Becky picked them up and examined the clicker attached to the keys. “For your car?”
I nodded.
She handed them back. “Keys for pretty much any car built after 1995 have a transponder chip inside. I could copy the key, and it’d look identical, but it’d never work in your car. You’ll have to go to a dealership.”
“There’s one on the other side of town,” Mark said quietly behind me.
We might as well continue our wild key chase.
Telling Becky to have a good day would have seemed insensitive. Neither of us were going to have a good day. “Thanks anyway.”
Becky rolled her lips in. “I’m really glad you’re okay. I’m so sorry…I wish…” She shook her head. She held my gaze as if willing me to understand what she couldn’t manage to say.
She didn’t need to apologize for Mandy. I stuffed my keys back in my pocket. “Me too.”
Mark linked my arm through his. He glanced back over his shoulder, but didn’t say anything until we were almost to the doors. “I didn’t realize you two were that close. I know you went to a support group meeting with her back when we suspected her, but she seems really upset.”
She had seemed especially upset. More so than I would have expected given we were barely beyond the acquaintance stage. Then again, she did credit me with preventing former Chief Wilson from hurting anyone else, and a lot of her grief probably stemmed from her damaged faith in Mandy. They’d worked together for years. They might have even been closer than Mandy and I were—than I thought Mandy and I were.
Besides, even though I’d only attended a single meeting, I suspected support group members bonded more quickly than people who met other ways.
Mark chauffeured me to the car dealership, where I ordered another key, and then we headed for Quantum Mechanics to sign off on whatever repairs Tony needed to make to my car. Fix-A-Dent was technically the body work shop in town, but Tony was the one I trusted with my car. I also wasn’t willing to face a stranger right now, who I’d have to explain the strange damage to. Well, you see, I was holding an unconscious woman while sitting on a rock at the bottom of a steep drop… That wouldn’t sound crazy or made-up at all.
By the time we reached Quantum Mechanics, though, I felt like someone had vacuumed out all my energy.
“Do you want me to go in and take care of it?” Mark asked.
“And grab whatever I left in my backseat, please.”

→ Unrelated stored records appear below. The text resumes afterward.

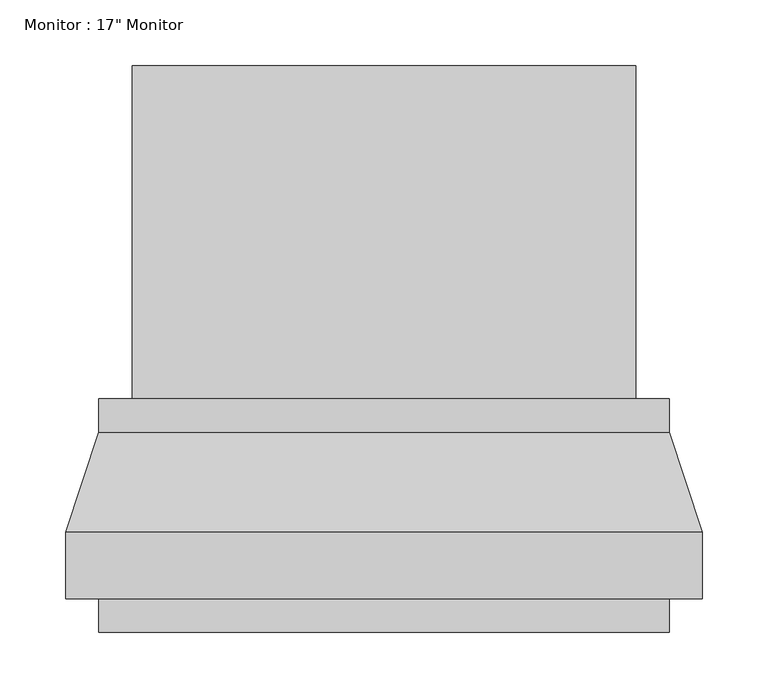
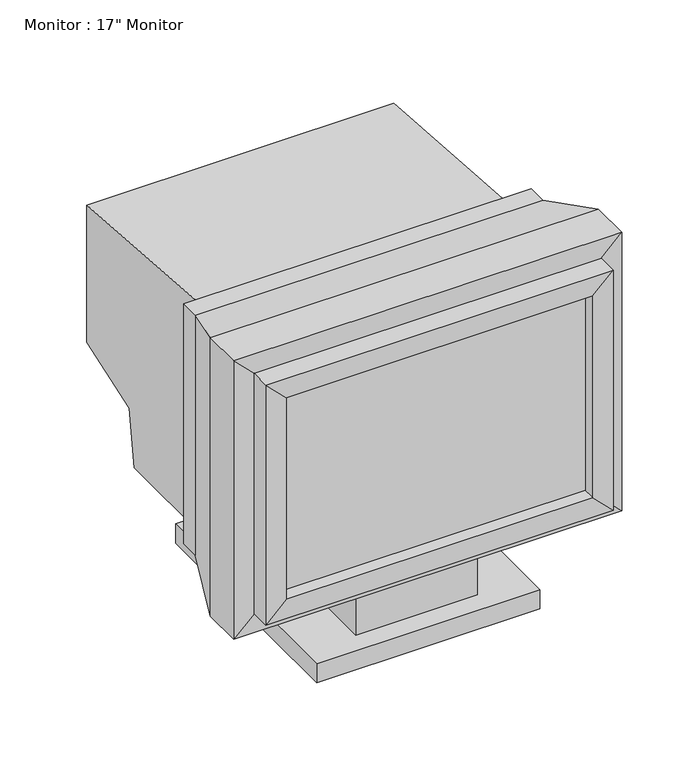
"""IFC4 building model written with IfcOpenShell, lengths in millimetres: proxy geometry."""

from ifc_helpers import new_model, si_unit, point, frame, frame_2d, origin, origin_with_axes, place, context, project, spatial, polyline, circle_curve, trimmed, segment, composite_curve, outline, extrude, faceted_brep, source, transform, mapped, element, save


def proxy_36ae4762(model_context):
    return source(origin(), model_context, "Body", "SolidModel", [
        extrude(outline(polyline([(214.9166316, -161.7265625), (-168.9513034, -161.7265625), (-168.9513034, -152.4), (214.9166316, -152.4), (214.9166316, -161.7265625)])), frame((0.0, 0.0, 144.3844541), z_axis=(0.0, 0.0, 1.0), x_axis=(1.0, 0.0, 0.0)), (0.0, 0.0, 1.0), 266.7000109),
        faceted_brep([(265.7166316, -152.4, 93.5844541), (265.7166316, -101.6, 93.5844541), (265.7166316, -101.6, 461.884465), (265.7166316, -152.4, 461.884465), (240.3166316, -152.4, 118.9844541), (240.3166316, -152.4, 436.484465), (240.3166316, -177.799907, 118.9844541), (240.3166316, -177.799907, 436.484465), (214.9166316, -177.799907, 144.3844541), (214.9166316, -177.799907, 411.084465), (214.9166316, 0.0, 144.3844541), (214.9166316, 0.0, 411.084465), (240.3166316, 0.0, 118.9844541), (240.3166316, 0.0, 436.484465), (240.3166316, -25.3999981, 118.9844541), (240.3166316, -25.3999981, 436.484465), (-219.7513034, -101.6, 461.884465), (-219.7513034, -152.4, 461.884465), (-194.3513034, -152.4, 436.484465), (-194.3513034, -177.799907, 436.484465), (-168.9513034, -177.799907, 411.084465), (-168.9513034, 0.0, 411.084465), (-194.3513034, 0.0, 436.484465), (-194.3513034, -25.3999981, 436.484465), (-219.7513034, -101.6, 93.5844541), (-219.7513034, -152.4, 93.5844541), (-194.3513034, -152.4, 118.9844541), (-194.3513034, -177.799907, 118.9844541), (-168.9513034, -177.799907, 144.3844541), (-168.9513034, 0.0, 144.3844541), (-194.3513034, 0.0, 118.9844541), (-194.3513034, -25.3999981, 118.9844541)], [[[0, 1, 2, 3]], [[4, 0, 3, 5]], [[6, 4, 5, 7]], [[8, 6, 7, 9]], [[10, 8, 9, 11]], [[12, 10, 11, 13]], [[14, 12, 13, 15]], [[1, 14, 15, 2]], [[3, 2, 16, 17]], [[5, 3, 17, 18]], [[7, 5, 18, 19]], [[9, 7, 19, 20]], [[11, 9, 20, 21]], [[13, 11, 21, 22]], [[15, 13, 22, 23]], [[2, 15, 23, 16]], [[17, 16, 24, 25]], [[18, 17, 25, 26]], [[19, 18, 26, 27]], [[20, 19, 27, 28]], [[21, 20, 28, 29]], [[22, 21, 29, 30]], [[23, 22, 30, 31]], [[16, 23, 31, 24]], [[25, 24, 1, 0]], [[26, 25, 0, 4]], [[27, 26, 4, 6]], [[28, 27, 6, 8]], [[29, 28, 8, 10]], [[30, 29, 10, 12]], [[31, 30, 12, 14]], [[24, 31, 14, 1]]]),
        extrude(outline(composite_curve([segment(trimmed(circle_curve(frame_2d((-1.1888517, 334.4924126)), 276.6194149), [point((127.0, 89.3681196))], [point((-127.0, 88.1393009))], False, "CARTESIAN"), True, "CONTINUOUS"), segment(polyline([(-127.0, 88.1393009), (-127.0, 118.9844541), (127.0, 118.9844541), (127.0, 89.3681196)]), True, "CONTINUOUS")], self_intersect=False)), frame((-39.9495426, 0.0, 0.0), z_axis=(1.0, 0.0, 0.0), x_axis=(0.0, 1.0, 0.0)), (0.0, 0.0, 1.0), 127.0),
        extrude(outline(polyline([(99.7504574, 127.0), (99.7504574, -127.0), (-52.6495426, -127.0), (-52.6495426, 127.0), (99.7504574, 127.0)])), frame((0.0, 0.0, 25.4), z_axis=(0.0, 0.0, 1.0), x_axis=(1.0, 0.0, 0.0)), (0.0, 0.0, 1.0), 50.8),
        extrude(outline(polyline([(163.2504574, 152.4), (163.2504574, -152.4), (-116.1495426, -152.4), (-116.1495426, 152.4), (163.2504574, 152.4)])), origin_with_axes(), (0.0, 0.0, 1.0), 25.4),
        extrude(outline(polyline([(254.0, 403.9622055), (254.0, 222.3422023), (161.4172866, 191.6127387), (151.0419341, 118.9844541), (0.0, 118.9844541), (0.0, 422.8068871), (254.0, 403.9622055)])), frame((-168.9513034, 0.0, 0.0), z_axis=(1.0, 0.0, 0.0), x_axis=(0.0, 1.0, 0.0)), (0.0, 0.0, 1.0), 383.867935),
    ])


if __name__ == "__main__":
    model = new_model("IFC4")
    model_context = context("Model", 3, world=origin())
    ifc_project = project(units=[si_unit("LENGTHUNIT", "METRE", prefix="MILLI")], contexts=[model_context])
    site = spatial("IfcSite", under=ifc_project)
    building = spatial("IfcBuilding", under=site)
    placement = place(None, origin())
    proxy_shape = proxy_36ae4762(model_context)
    element("IfcBuildingElementProxy", 1, Name="Monitor : 17\" Monitor", ObjectType="Monitor : 17\" Monitor", at=placement, inside=building, context=model_context, shape_type="MappedRepresentation", body=[
        mapped(proxy_shape, transform((0.0, 0.0, 0.0), x_axis=(1.0, 0.0, 0.0), y_axis=(0.0, 1.0, 0.0), z_axis=(0.0, 0.0, 1.0))),
    ])
    save(model, "model.ifc")

He pulled his phone out of his pocket and laid it on the seat beside me. “In case you want to call your mom.”
I did want to talk to my mom, but not now. She’d want to tell me about Mandy’s interrogation and whether or not she’d pled guilty. A nap seemed like a better way to go.
I’d always thought you weren’t supposed to sleep if you had a possible concussion, but Dr. Santos said that was only if I was showing symptoms like dilated pupils and trouble walking. And so long as someone woke me every two hours to check for worsening symptoms. Mark definitely wouldn’t take more than two hours in Quantum Mechanics—Tony wasn’t much for small talk—so I might as well let my eyes drift shut.
I laid my head back into the headrest.
Mark’s phone rang. I glared down at the screen. Fair Haven PD.
Ugg. I couldn’t let it go to voicemail. Despite having taken a personal day, Mark might still be needed for something. Plus, it could be my mom. She’d know by now that my cell phone was sunken treasure. Even once they pulled Alice’s car from the lake and I got my credit cards and driver’s license back, my phone would be trash.
If it was my mom and I didn’t answer, the consequences would rival the ten plagues in the book of Exodus.
I picked up the phone and swiped my finger across the screen. “Mark Cavanaugh’s phone. Nicole speaking.”
“I knew Mark would be able to get a hold of you.”